The goal of PEGASUS is the establishment of a validated analytical chemometrics platform through the elaboration of contemporary chromatographic and spectroscopic techniques (FCPC, HPTLC, LC-HRMS/MS, NMR) along with sophisticated statistical algorithms for the rapid and effective identification of bioactive compounds, prior to their isolation.

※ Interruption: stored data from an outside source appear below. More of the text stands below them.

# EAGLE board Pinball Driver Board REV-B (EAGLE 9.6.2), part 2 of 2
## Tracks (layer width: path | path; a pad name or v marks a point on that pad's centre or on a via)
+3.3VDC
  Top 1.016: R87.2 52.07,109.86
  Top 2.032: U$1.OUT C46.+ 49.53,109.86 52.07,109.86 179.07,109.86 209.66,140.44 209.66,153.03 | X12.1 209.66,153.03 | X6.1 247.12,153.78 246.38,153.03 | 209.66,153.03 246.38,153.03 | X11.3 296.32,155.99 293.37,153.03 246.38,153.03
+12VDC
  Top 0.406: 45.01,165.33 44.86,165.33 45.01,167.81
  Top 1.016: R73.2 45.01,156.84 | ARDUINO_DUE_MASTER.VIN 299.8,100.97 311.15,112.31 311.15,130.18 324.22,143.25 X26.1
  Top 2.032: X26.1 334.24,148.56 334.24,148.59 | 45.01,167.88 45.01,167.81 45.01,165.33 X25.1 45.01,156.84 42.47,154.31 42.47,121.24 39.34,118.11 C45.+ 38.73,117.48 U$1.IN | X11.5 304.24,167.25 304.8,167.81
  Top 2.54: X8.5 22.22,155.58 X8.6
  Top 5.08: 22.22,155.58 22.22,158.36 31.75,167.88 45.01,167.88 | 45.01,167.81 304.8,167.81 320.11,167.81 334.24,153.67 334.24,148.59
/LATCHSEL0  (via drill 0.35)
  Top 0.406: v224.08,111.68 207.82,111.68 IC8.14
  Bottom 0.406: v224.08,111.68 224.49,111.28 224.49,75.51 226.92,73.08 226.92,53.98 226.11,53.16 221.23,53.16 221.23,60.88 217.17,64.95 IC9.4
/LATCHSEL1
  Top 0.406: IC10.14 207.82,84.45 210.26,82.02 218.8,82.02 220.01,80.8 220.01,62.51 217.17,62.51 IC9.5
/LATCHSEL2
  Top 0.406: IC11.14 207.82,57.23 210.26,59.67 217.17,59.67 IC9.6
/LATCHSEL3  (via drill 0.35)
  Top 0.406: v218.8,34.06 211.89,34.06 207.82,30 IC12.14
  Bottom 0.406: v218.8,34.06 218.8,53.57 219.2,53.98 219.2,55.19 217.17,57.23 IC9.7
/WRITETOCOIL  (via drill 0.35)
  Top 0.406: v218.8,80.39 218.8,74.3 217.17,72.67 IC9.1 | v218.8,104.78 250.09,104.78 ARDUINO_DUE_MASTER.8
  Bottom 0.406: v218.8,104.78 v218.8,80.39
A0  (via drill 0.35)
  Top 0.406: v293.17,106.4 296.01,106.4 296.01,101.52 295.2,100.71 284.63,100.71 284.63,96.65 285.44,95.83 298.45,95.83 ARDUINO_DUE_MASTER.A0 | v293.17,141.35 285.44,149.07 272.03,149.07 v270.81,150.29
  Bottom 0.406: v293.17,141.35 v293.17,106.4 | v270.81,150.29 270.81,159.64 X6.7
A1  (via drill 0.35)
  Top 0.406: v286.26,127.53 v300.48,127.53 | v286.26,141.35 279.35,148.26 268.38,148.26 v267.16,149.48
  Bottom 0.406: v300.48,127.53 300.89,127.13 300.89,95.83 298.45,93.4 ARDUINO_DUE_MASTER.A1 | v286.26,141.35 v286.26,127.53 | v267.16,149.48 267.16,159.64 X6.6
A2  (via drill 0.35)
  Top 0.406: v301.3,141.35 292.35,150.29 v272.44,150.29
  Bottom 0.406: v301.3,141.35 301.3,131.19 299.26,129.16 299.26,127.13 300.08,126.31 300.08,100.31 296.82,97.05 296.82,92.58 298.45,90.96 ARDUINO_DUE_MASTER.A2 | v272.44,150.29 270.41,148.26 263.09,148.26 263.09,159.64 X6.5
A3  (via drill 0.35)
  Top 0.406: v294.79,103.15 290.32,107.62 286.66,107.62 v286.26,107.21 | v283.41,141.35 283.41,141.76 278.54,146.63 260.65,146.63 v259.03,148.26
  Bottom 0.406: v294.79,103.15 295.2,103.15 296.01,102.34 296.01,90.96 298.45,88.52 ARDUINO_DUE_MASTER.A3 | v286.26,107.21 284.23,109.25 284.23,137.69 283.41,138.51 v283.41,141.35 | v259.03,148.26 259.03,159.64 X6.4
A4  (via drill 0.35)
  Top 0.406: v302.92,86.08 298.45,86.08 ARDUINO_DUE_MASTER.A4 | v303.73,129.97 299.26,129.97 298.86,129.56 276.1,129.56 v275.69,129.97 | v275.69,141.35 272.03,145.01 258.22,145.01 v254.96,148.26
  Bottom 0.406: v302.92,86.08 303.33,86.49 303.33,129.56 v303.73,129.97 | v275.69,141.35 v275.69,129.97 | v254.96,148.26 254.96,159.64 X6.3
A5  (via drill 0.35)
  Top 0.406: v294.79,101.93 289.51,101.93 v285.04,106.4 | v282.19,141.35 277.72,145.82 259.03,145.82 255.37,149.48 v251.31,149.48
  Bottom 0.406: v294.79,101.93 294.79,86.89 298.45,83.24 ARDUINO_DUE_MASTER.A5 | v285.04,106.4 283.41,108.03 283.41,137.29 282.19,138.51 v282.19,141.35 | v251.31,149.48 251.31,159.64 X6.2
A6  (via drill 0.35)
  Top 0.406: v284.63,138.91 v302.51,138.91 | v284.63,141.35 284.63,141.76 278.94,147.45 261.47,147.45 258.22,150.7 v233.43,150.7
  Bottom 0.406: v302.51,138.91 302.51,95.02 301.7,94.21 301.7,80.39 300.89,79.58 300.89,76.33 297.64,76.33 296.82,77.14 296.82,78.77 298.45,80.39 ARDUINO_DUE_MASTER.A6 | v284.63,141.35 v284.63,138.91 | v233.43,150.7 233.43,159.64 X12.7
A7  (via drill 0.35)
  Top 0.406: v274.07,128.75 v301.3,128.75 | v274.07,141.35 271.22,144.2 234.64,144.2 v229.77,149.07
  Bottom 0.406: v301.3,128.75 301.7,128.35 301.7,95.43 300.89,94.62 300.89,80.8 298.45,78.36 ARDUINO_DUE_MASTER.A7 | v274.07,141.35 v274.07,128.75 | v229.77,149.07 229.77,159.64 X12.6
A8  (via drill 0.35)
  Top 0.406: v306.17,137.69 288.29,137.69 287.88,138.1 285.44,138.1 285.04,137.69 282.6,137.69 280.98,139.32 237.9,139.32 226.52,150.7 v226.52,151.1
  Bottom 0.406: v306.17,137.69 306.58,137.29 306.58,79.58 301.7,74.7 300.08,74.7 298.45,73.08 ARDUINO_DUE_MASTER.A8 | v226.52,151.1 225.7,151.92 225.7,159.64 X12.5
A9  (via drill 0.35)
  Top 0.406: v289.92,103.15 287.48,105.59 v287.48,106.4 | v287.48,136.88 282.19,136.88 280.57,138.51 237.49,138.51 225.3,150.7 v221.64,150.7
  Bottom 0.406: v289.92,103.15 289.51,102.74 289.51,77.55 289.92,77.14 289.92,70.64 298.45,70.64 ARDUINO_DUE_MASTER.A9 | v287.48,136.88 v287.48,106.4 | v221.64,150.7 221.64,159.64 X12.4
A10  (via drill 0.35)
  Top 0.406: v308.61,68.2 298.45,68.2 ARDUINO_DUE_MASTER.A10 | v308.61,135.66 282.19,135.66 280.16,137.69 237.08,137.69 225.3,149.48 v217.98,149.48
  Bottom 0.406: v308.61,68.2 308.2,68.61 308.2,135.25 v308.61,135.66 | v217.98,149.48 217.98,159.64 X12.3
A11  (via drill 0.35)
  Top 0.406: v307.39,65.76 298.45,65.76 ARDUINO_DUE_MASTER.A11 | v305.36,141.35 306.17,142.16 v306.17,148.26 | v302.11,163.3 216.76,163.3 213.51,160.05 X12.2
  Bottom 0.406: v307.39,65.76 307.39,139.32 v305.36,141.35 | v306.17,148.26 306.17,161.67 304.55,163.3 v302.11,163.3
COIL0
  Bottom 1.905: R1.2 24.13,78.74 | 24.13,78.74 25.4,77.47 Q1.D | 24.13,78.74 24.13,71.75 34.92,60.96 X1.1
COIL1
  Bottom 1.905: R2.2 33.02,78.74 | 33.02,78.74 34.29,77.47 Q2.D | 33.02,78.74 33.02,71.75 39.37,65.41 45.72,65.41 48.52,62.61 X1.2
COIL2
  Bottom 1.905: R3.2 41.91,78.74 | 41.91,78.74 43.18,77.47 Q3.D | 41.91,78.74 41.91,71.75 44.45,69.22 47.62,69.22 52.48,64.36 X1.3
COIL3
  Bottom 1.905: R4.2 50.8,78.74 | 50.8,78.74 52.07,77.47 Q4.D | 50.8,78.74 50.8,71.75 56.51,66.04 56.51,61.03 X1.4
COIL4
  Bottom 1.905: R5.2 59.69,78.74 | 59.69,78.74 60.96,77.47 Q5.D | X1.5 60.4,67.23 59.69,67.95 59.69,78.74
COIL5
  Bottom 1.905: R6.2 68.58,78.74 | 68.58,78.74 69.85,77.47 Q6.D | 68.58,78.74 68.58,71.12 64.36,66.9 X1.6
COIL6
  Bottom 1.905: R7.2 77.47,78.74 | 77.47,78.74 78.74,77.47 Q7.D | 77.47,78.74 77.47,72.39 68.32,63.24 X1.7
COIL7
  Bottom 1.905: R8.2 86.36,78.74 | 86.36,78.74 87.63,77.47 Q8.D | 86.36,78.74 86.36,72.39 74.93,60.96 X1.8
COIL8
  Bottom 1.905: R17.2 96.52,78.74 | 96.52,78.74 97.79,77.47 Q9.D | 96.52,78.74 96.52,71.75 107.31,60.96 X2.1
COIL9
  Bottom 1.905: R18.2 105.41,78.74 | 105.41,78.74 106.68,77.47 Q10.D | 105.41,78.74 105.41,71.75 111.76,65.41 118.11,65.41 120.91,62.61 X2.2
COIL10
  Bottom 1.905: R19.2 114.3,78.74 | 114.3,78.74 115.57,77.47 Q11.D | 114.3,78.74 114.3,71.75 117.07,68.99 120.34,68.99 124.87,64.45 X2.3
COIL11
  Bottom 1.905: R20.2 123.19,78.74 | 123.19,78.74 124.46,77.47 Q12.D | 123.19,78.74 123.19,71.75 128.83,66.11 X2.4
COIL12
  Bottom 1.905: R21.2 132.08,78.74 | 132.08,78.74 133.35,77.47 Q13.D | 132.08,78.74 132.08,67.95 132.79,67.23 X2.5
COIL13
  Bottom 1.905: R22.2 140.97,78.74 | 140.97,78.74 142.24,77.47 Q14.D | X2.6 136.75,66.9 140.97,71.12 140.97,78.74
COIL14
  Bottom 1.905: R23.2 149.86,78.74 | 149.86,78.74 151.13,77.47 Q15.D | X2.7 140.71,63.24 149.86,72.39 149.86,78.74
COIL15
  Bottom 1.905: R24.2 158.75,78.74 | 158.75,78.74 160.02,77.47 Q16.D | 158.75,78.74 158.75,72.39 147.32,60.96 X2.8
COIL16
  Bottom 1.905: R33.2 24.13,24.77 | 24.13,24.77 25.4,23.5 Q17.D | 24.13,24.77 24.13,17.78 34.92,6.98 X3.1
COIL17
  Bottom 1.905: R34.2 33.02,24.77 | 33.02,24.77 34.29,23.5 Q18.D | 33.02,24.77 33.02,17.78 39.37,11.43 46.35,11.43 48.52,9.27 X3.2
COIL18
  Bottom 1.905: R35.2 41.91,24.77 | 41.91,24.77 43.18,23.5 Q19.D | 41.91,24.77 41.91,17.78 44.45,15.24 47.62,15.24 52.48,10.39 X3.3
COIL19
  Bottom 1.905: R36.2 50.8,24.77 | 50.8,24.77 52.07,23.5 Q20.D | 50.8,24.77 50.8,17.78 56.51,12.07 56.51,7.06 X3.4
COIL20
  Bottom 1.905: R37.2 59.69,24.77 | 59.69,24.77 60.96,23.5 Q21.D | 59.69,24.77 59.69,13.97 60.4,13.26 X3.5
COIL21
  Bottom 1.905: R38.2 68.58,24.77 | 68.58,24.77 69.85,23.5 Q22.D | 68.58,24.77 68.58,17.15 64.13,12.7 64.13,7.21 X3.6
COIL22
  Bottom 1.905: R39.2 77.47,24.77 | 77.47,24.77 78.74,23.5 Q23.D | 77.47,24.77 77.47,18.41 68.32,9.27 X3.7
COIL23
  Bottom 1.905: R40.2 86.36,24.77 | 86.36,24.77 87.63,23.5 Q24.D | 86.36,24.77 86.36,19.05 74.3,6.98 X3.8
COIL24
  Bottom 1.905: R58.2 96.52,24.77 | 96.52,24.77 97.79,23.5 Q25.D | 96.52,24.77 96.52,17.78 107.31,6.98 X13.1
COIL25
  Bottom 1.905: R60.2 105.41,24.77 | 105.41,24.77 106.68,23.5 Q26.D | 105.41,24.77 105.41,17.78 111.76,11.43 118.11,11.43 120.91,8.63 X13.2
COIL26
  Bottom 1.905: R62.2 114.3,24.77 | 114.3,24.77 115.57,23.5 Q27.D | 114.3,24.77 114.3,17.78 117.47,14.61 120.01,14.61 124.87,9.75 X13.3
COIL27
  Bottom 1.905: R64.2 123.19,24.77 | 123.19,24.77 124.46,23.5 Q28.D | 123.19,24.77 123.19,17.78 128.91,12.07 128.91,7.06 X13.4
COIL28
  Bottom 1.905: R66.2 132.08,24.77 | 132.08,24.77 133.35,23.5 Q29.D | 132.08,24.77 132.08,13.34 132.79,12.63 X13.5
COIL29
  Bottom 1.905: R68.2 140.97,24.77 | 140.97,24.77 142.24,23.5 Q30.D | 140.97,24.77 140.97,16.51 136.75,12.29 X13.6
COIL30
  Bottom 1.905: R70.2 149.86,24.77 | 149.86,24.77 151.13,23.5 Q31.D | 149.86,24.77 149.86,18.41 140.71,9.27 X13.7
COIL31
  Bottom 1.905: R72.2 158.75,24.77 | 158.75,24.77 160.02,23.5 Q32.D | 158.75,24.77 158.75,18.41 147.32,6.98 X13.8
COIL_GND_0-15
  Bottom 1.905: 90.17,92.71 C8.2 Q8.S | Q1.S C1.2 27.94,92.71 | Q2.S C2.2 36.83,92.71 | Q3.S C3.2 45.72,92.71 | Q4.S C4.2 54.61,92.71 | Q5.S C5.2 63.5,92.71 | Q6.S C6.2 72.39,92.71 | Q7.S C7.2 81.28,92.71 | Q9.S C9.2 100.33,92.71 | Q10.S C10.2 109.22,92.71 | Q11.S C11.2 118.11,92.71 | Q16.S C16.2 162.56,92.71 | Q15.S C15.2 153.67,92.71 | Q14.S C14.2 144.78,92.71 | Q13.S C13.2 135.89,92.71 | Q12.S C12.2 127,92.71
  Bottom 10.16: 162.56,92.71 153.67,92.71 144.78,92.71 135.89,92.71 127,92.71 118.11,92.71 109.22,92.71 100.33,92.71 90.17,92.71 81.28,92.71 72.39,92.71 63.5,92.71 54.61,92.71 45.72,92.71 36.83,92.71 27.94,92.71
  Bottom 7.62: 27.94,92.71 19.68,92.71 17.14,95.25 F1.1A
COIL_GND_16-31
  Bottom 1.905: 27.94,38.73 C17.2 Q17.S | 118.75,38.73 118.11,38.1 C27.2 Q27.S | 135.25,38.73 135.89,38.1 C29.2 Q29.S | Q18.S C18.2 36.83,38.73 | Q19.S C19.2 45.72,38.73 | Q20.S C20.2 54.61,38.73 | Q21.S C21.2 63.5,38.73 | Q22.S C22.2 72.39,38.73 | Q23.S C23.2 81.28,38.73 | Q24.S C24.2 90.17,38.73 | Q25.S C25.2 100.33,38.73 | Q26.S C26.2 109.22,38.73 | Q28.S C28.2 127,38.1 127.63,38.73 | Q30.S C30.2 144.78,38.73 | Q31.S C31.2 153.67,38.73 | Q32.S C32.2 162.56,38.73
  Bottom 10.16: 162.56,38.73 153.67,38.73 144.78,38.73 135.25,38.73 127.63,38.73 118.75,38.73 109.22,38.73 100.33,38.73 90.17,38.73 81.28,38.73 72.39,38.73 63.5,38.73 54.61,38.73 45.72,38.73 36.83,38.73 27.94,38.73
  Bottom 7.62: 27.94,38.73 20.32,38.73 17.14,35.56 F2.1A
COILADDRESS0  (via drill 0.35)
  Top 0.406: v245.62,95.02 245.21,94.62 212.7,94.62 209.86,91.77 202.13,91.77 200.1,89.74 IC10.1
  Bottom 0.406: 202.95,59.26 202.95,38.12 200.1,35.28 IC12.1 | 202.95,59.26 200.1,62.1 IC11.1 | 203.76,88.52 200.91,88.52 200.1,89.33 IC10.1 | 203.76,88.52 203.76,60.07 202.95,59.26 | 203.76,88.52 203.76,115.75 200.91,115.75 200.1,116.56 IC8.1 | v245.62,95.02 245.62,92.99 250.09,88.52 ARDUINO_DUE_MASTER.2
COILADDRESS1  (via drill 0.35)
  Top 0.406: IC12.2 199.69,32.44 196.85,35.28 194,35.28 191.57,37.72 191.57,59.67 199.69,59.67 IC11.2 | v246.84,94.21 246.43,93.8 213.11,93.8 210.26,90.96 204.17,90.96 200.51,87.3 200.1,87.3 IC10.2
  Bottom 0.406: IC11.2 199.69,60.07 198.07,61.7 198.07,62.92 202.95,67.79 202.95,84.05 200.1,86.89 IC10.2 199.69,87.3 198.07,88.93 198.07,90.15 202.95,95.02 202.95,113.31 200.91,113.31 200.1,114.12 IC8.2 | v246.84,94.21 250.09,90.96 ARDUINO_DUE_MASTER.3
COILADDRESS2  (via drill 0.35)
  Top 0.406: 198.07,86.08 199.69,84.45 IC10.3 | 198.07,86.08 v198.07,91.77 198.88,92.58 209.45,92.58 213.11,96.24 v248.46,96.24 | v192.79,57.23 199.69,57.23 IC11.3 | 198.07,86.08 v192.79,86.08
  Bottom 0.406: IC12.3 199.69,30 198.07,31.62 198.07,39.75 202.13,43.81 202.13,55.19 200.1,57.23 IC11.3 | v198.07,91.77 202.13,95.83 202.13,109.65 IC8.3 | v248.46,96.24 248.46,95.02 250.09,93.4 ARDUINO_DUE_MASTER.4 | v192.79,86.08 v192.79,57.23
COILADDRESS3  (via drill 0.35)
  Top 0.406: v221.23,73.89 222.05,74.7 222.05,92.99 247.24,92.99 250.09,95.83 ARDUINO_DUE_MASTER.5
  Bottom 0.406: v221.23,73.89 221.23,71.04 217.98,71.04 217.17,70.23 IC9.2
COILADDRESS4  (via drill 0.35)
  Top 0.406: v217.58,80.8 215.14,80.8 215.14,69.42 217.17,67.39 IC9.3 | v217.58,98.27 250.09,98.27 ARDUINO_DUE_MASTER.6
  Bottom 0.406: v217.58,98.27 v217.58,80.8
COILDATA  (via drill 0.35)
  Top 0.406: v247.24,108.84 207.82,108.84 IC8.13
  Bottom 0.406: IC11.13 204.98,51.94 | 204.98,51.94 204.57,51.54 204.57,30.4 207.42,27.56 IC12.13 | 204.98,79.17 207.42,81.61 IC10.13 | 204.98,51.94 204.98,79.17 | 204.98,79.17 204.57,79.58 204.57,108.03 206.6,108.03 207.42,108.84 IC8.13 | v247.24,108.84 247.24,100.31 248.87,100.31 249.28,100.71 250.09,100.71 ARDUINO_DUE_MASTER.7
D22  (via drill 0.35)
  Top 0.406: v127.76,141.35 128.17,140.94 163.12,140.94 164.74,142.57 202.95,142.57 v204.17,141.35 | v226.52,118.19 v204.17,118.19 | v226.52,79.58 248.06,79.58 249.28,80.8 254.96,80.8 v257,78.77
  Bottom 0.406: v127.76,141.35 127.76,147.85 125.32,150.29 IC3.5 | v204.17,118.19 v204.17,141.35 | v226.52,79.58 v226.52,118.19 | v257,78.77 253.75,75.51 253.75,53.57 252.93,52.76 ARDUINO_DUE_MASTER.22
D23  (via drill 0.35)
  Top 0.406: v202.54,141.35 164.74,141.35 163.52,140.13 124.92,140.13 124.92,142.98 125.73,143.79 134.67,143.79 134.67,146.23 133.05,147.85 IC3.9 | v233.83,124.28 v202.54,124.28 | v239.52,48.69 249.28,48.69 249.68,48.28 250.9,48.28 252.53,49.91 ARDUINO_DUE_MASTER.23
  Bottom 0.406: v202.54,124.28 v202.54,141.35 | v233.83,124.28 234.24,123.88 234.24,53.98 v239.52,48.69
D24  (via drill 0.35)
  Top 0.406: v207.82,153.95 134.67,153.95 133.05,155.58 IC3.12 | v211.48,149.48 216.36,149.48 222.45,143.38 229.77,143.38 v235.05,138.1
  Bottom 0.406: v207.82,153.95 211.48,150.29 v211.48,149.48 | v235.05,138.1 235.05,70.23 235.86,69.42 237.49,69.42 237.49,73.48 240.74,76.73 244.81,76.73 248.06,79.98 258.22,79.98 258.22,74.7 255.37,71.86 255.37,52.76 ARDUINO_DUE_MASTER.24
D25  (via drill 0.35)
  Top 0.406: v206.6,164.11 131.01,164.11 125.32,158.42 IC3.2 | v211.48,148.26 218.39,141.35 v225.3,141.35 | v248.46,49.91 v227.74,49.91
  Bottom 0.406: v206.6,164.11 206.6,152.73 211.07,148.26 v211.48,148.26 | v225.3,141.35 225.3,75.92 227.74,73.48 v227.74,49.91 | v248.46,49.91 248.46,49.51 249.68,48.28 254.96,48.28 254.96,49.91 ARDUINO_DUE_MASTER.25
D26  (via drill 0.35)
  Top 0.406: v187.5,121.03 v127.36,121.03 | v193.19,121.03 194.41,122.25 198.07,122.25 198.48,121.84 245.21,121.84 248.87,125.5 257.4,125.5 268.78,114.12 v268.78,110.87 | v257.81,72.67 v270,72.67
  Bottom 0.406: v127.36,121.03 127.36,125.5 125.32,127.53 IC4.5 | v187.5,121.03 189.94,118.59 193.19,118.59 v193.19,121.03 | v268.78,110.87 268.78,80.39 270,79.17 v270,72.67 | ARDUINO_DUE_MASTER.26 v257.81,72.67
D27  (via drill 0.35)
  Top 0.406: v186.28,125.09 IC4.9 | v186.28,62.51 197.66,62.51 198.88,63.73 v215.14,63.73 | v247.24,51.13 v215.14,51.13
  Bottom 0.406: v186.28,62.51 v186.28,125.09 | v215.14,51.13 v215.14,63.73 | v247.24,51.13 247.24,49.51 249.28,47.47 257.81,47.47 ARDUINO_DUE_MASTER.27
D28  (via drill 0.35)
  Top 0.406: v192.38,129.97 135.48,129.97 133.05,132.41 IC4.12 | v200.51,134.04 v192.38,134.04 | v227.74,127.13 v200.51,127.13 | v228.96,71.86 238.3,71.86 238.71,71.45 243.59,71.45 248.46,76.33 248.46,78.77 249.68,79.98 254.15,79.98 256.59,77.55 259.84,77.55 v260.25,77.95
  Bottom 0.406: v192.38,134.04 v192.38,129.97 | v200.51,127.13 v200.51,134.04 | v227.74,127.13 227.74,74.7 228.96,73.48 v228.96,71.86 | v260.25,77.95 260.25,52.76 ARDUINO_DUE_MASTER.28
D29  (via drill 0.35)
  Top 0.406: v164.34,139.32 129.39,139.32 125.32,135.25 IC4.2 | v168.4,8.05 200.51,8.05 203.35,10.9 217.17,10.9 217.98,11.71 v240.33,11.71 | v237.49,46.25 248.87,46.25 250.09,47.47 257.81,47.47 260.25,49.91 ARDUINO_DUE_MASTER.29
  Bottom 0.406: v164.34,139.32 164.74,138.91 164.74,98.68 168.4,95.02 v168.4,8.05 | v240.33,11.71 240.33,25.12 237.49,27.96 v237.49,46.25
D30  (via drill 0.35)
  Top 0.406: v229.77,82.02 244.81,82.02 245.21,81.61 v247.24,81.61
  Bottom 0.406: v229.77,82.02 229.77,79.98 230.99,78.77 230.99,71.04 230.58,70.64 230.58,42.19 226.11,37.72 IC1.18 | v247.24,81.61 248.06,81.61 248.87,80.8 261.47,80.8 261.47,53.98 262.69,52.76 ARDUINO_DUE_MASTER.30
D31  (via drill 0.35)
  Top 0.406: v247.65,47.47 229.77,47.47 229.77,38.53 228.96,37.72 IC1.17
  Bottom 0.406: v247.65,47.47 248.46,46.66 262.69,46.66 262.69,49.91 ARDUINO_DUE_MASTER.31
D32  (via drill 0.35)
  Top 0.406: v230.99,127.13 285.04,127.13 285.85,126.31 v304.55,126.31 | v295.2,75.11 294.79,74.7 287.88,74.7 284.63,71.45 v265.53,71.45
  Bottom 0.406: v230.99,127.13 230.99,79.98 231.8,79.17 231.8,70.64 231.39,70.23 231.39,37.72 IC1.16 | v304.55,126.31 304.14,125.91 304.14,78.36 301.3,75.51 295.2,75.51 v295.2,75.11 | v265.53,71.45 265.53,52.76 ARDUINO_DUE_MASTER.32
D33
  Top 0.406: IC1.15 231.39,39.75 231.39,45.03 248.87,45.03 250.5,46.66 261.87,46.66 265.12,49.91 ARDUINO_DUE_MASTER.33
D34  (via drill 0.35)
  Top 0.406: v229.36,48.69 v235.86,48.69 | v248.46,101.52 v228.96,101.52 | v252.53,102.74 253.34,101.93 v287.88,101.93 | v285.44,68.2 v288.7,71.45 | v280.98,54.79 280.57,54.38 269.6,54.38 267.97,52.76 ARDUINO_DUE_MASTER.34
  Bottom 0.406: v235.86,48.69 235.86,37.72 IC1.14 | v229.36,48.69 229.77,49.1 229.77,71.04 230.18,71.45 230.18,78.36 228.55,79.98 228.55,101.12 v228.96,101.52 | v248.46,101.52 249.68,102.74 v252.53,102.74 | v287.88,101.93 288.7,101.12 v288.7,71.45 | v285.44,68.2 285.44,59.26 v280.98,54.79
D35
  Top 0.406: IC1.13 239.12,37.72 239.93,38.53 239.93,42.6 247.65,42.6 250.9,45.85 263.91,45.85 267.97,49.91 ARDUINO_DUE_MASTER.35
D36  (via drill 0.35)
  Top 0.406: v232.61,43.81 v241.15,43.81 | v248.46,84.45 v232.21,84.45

The last five years, the development of an HeteroCovariance Approach (HetCa algorithms), has been applied at our department for the discovery of bioactive metabolites for several biological targets such as free radicals, enzymes and cancer cell lines [1]-[4]. HetCa is a MATLAB toolbox based on Statistical Total Correlation Spectroscopy (STOCSY) and Statistical Heterospectroscopy (SHY) methodologies. Specifically, HetCa has been applied for the discovery of antioxidant, anti-tyrosinase, anti-acetylcholinesterase, anti-hyaluronidase and cytotoxic against several cancer cell lines natural compounds from plant species belonging to the Greek flora.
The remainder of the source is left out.